Given data section start

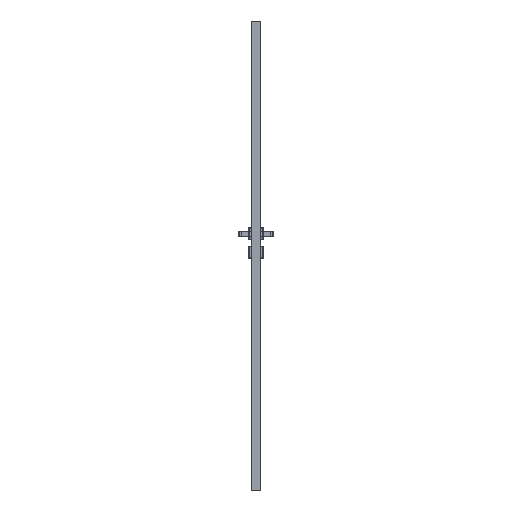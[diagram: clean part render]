
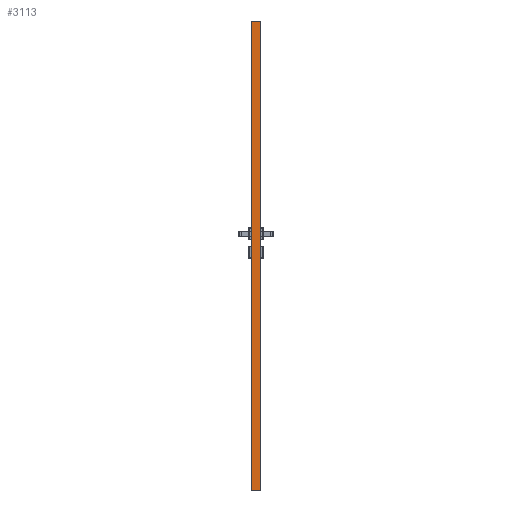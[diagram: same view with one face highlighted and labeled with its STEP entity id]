
A CAD part, left-side view. The second image highlights one B-rep face of the part: STEP entity #3113.
In plain terms, the highlighted planar face has unit normal (-1, 0, 0).
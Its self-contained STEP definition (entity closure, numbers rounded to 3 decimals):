
#1434=FACE_OUTER_BOUND('',#6902,.T.);
#3113=ADVANCED_FACE('',(#1434),#4801,.F.);
#4801=PLANE('',#31764);
#6902=EDGE_LOOP('',(#9687,#9688,#9689,#9690,#9691,#9692));
#9687=ORIENTED_EDGE('',*,*,#20893,.F.);
#9688=ORIENTED_EDGE('',*,*,#20887,.F.);
#9689=ORIENTED_EDGE('',*,*,#20557,.F.);
#9690=ORIENTED_EDGE('',*,*,#20891,.T.);
#9691=ORIENTED_EDGE('',*,*,#20894,.F.);
#9692=ORIENTED_EDGE('',*,*,#20821,.T.);
#17633=VERTEX_POINT('',#43296);
#17634=VERTEX_POINT('',#43298);
#17820=VERTEX_POINT('',#43826);
#17821=VERTEX_POINT('',#43828);
#17855=VERTEX_POINT('',#43958);
#17857=VERTEX_POINT('',#43964);
#20557=EDGE_CURVE('',#17633,#17634,#24922,.T.);
#20821=EDGE_CURVE('',#17821,#17820,#25162,.T.);
#20887=EDGE_CURVE('',#17634,#17855,#25221,.T.);
#20891=EDGE_CURVE('',#17633,#17857,#25225,.T.);
#20893=EDGE_CURVE('',#17855,#17820,#25227,.T.);
#20894=EDGE_CURVE('',#17821,#17857,#25228,.T.);
#24922=LINE('',#43297,#28302);
#25162=LINE('',#43827,#28542);
#25221=LINE('',#43957,#28601);
#25225=LINE('',#43966,#28605);
#25227=LINE('',#43969,#28607);
#25228=LINE('',#43970,#28608);
#28302=VECTOR('',#34375,1.);
#28542=VECTOR('',#34821,1.);
#28601=VECTOR('',#34954,1.);
#28605=VECTOR('',#34960,1.);
#28607=VECTOR('',#34964,1.);
#28608=VECTOR('',#34965,1.);
#31764=AXIS2_PLACEMENT_3D('',#43971,#34966,#34967);
#34375=DIRECTION('',(0.,-1.,0.));
#34821=DIRECTION('',(0.,-1.,0.));
#34954=DIRECTION('',(0.,0.,-1.));
#34960=DIRECTION('',(0.,0.,-1.));
#34964=DIRECTION('',(0.,0.894,-0.447));
#34965=DIRECTION('',(0.,0.894,0.447));
#34966=DIRECTION('',(1.,0.,0.));
#34967=DIRECTION('',(0.,1.,0.));
#43296=CARTESIAN_POINT('',(-309.,0.,2017.));
#43297=CARTESIAN_POINT('',(-309.,-40.,2017.));
#43298=CARTESIAN_POINT('',(-309.,-40.,2017.));
#43826=CARTESIAN_POINT('',(-309.,-38.,0.));
#43827=CARTESIAN_POINT('',(-309.,0.,0.));
#43828=CARTESIAN_POINT('',(-309.,-2.,0.));
#43957=CARTESIAN_POINT('',(-309.,-40.,2250.));
#43958=CARTESIAN_POINT('',(-309.,-40.,1.));
#43964=CARTESIAN_POINT('',(-309.,0.,1.));
#43966=CARTESIAN_POINT('',(-309.,0.,2250.));
#43969=CARTESIAN_POINT('',(-309.,-38.,0.));
#43970=CARTESIAN_POINT('',(-309.,0.,1.));
#43971=CARTESIAN_POINT('',(-309.,0.,2250.));
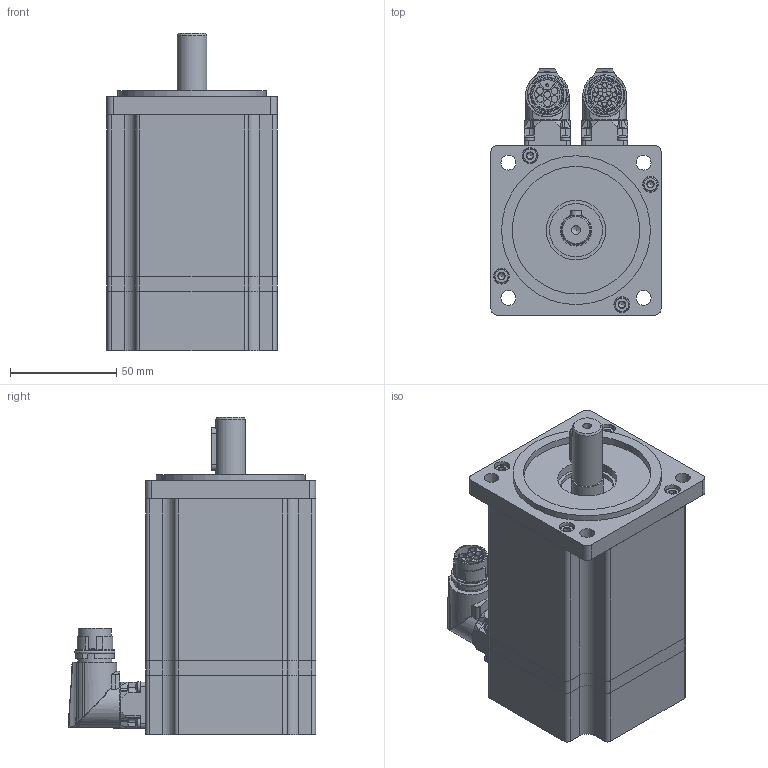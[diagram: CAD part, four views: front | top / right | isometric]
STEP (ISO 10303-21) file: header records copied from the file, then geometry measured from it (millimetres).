
FILE_DESCRIPTION(/* description */ (''),/* implementation_level */ '2;1');
FILE_NAME(/* name */ 'C:\Users\Public\Documents\Autodesk\Inventor LT 2014\Workspace\3D Sangalli Servomotori\DSM7\DSM7 - STEP\DSM7_3x_STEP\DSM7_32_x098.stp',/* time_stamp */ '2020-10-16T12:24:45+02:00',/* author */ ('marcor'),/* organization */ (''),/* preprocessor_version */ 'ST-DEVELOPER v15.2',/* originating_system */ 'Autodesk Inventor LT ',/* authorisation */ '');
FILE_SCHEMA (('AUTOMOTIVE_DESIGN { 1 0 10303 214 3 1 1 }'));
Products named in the file (1): DSM7_32_x098
Bounding box: 80 x 116.35 x 149.5 mm (x, y, z)
Volume: 720972.6 mm3; surface area: 110696.9 mm2
Topology: 16 solids, 36 shells, 1527 faces, 3971 edges, 2588 vertices
Faces by surface type: plane 673, cylinder 534, cone 164, torus 96, bspline 52, sphere 8
Full cylindrical faces by diameter (mm): 1.3 x1, 2.013 x4, 2.1 x15, 2.224 x8, 2.5 x8, 2.7 x8, 3.2 x6, 3.242 x12, 4 x12, 4.134 x1, 4.5 x12, 4.8 x2, 5 x2, 7 x20, 7.5 x8, 11.7 x1, 13.4 x1, 14 x1, 14.2 x2, 14.95 x1, 15.2 x2, 15.54 x2, 16 x2, 16.8 x2, 17 x2, 19.7 x2, 25 x1, 28 x1, 35 x1, 60 x1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
Entity records: 50169 total; most frequent: CARTESIAN_POINT 13714, ORIENTED_EDGE 7166, DIRECTION 7056, EDGE_CURVE 3583, AXIS2_PLACEMENT_3D 2765, VERTEX_POINT 2481, EDGE_LOOP 1942, LINE 1526
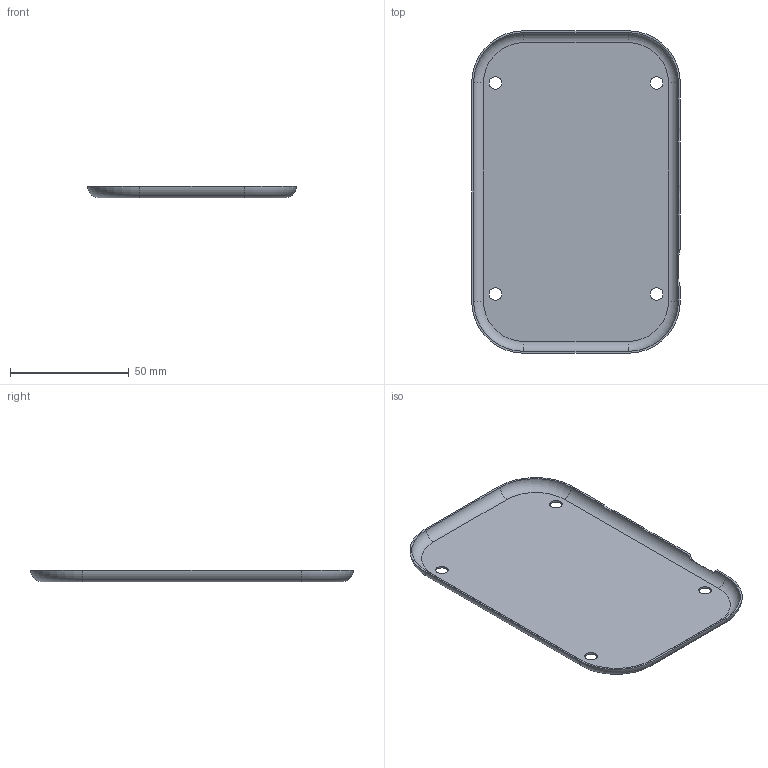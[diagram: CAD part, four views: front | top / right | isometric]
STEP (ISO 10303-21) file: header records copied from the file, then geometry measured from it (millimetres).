
FILE_DESCRIPTION(('Open CASCADE Model'),'2;1');
FILE_NAME('Open CASCADE Shape Model','2026-09-06T11:30:37',('Author'),( 'Open CASCADE'),'Open CASCADE STEP processor 7.7','Open CASCADE 7.7' ,'Unknown');
FILE_SCHEMA(('AUTOMOTIVE_DESIGN { 1 0 10303 214 1 1 1 1 }'));
Length unit declared in the file: millimetre
Products named in the file (1): Open CASCADE STEP translator 7.7 23
Bounding box: 88 x 136 x 4.95 mm (x, y, z)
Volume: 9844.4 mm3; surface area: 25006.1 mm2
Topology: 1 solids, 1 shells, 38 faces, 108 edges, 72 vertices
Faces by surface type: cylinder 20, plane 10, torus 8
Full cylindrical faces by diameter (mm): 5.3 x4
Entity records: 3083 total; most frequent: CARTESIAN_POINT 1047, DIRECTION 351, ORIENTED_EDGE 216, PCURVE 216, DEFINITIONAL_REPRESENTATION 216, LINE 182, VECTOR 182, EDGE_CURVE 108
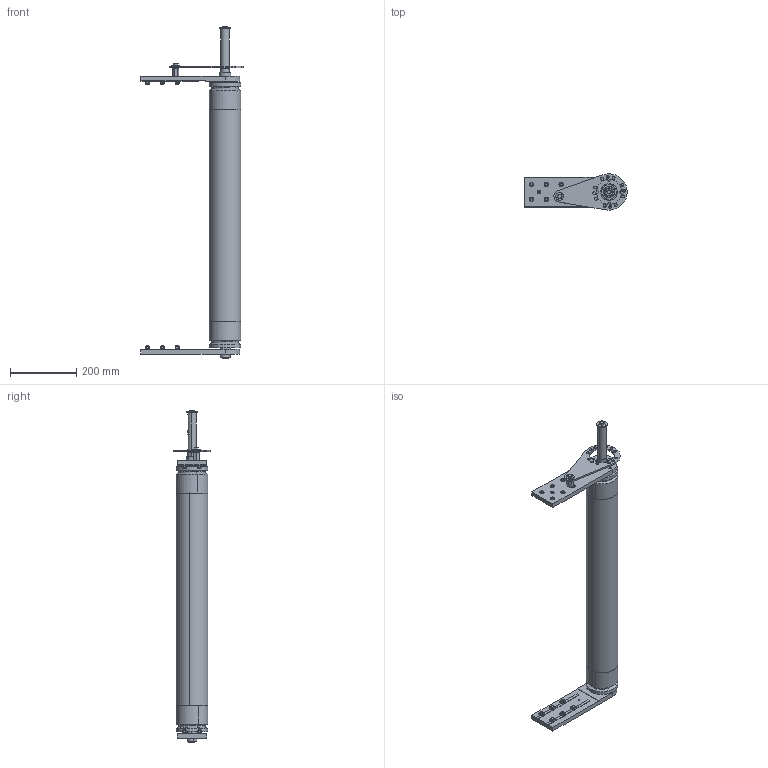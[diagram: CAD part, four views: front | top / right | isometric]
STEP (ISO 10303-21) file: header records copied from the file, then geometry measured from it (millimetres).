
FILE_DESCRIPTION (( 'STEP AP203' ), '1' );
FILE_NAME ('084.095.KDZ.63.800.STEP', '2019-07-30T08:25:12', ( '' ), ( '' ), 'SwSTEP 2.0', 'SolidWorks 2018', '' );
FILE_SCHEMA (( 'CONFIG_CONTROL_DESIGN' ));
Length unit declared in the file: millimetre
Products named in the file (20): CHIAVETTE_A 8x7x50 UNI 6604-69; DADO ESAGONALE AUTOBLOCCANTE RIBASSATO M30-UNI 7474; RONDELLE FASCIA LARGA UNI 6593_8.4x32 UNI 6593; 084.808.002_084.808.002; 084.302.000 DADI ALUSIC 13x13-1_084.302.004; VITI TE UNI 5739_M8x16 UNI 5739; 084.000.A027; 449.014.106; 084.808.005-1; 084.812.025.800_Default<A macchina>; 084.802.019_084.802.019; RONDELLE FASCIA LARGA UNI 6593_8.4x24 UNI 6593; 084.802.027; GRANI A PUNTA PIATTA UNI 5923_M8x25 UNI 5923; 084.802.034_084.802.034; 084.812.023.800_Default<A macchina>; 084.301.000 VITI ALUSIC_084.301.003; circlip for shafts normal_din_PreviewCfg; 084.808.003_084.808.003; 084.095.KDZ.63.800
Assembly tree (44 placements, depth 3):
  084.095.KDZ.63.800
    084.812.025.800_Default<A macchina>
    084.812.023.800_Default<A macchina>
    449.014.106  x2
    084.808.003_084.808.003
    084.808.002_084.808.002
    084.802.034_084.802.034
    084.802.019_084.802.019
    DADO ESAGONALE AUTOBLOCCANTE RIBASSATO M30-UNI 7474  x2
    VITI TE UNI 5739_M8x16 UNI 5739
    RONDELLE FASCIA LARGA UNI 6593_8.4x32 UNI 6593
    084.000.A027
      084.802.027
      084.808.005-1
      GRANI A PUNTA PIATTA UNI 5923_M8x25 UNI 5923
      RONDELLE FASCIA LARGA UNI 6593_8.4x24 UNI 6593
      VITI TE UNI 5739_M8x16 UNI 5739
    CHIAVETTE_A 8x7x50 UNI 6604-69
    circlip for shafts normal_din_PreviewCfg
    084.301.000 VITI ALUSIC_084.301.003  x12
    084.302.000 DADI ALUSIC 13x13-1_084.302.004  x12
Bounding box: 309.79 x 109.79 x 1005.33 mm (x, y, z)
Volume: 3596660.2 mm3; surface area: 1049931.2 mm2
Topology: 48 solids, 49 shells, 1157 faces, 2893 edges, 1868 vertices
Faces by surface type: plane 420, cylinder 390, cone 118, torus 116, bspline 104, sphere 9
Entity records: 23714 total; most frequent: CARTESIAN_POINT 5203, DIRECTION 3347, ORIENTED_EDGE 3220, EDGE_CURVE 1610, AXIS2_PLACEMENT_3D 1316, VERTEX_POINT 1046, EDGE_LOOP 768, LINE 715

Given data section end

• _Requirement_
Copy the records above exactly, beginning at the line that contains "#28605=VECTOR('',#34960,1.);" and stopping after the line that contains "#43958=CARTESIAN_POINT('',(-309.,-40.,1.));".

• _Solution to the exercise_
#28605=VECTOR('',#34960,1.);
#28607=VECTOR('',#34964,1.);
#28608=VECTOR('',#34965,1.);
#31764=AXIS2_PLACEMENT_3D('',#43971,#34966,#34967);
#34375=DIRECTION('',(0.,-1.,0.));
#34821=DIRECTION('',(0.,-1.,0.));
#34954=DIRECTION('',(0.,0.,-1.));
#34960=DIRECTION('',(0.,0.,-1.));
#34964=DIRECTION('',(0.,0.894,-0.447));
#34965=DIRECTION('',(0.,0.894,0.447));
#34966=DIRECTION('',(1.,0.,0.));
#34967=DIRECTION('',(0.,1.,0.));
#43296=CARTESIAN_POINT('',(-309.,0.,2017.));
#43297=CARTESIAN_POINT('',(-309.,-40.,2017.));
#43298=CARTESIAN_POINT('',(-309.,-40.,2017.));
#43826=CARTESIAN_POINT('',(-309.,-38.,0.));
#43827=CARTESIAN_POINT('',(-309.,0.,0.));
#43828=CARTESIAN_POINT('',(-309.,-2.,0.));
#43957=CARTESIAN_POINT('',(-309.,-40.,2250.));
#43958=CARTESIAN_POINT('',(-309.,-40.,1.));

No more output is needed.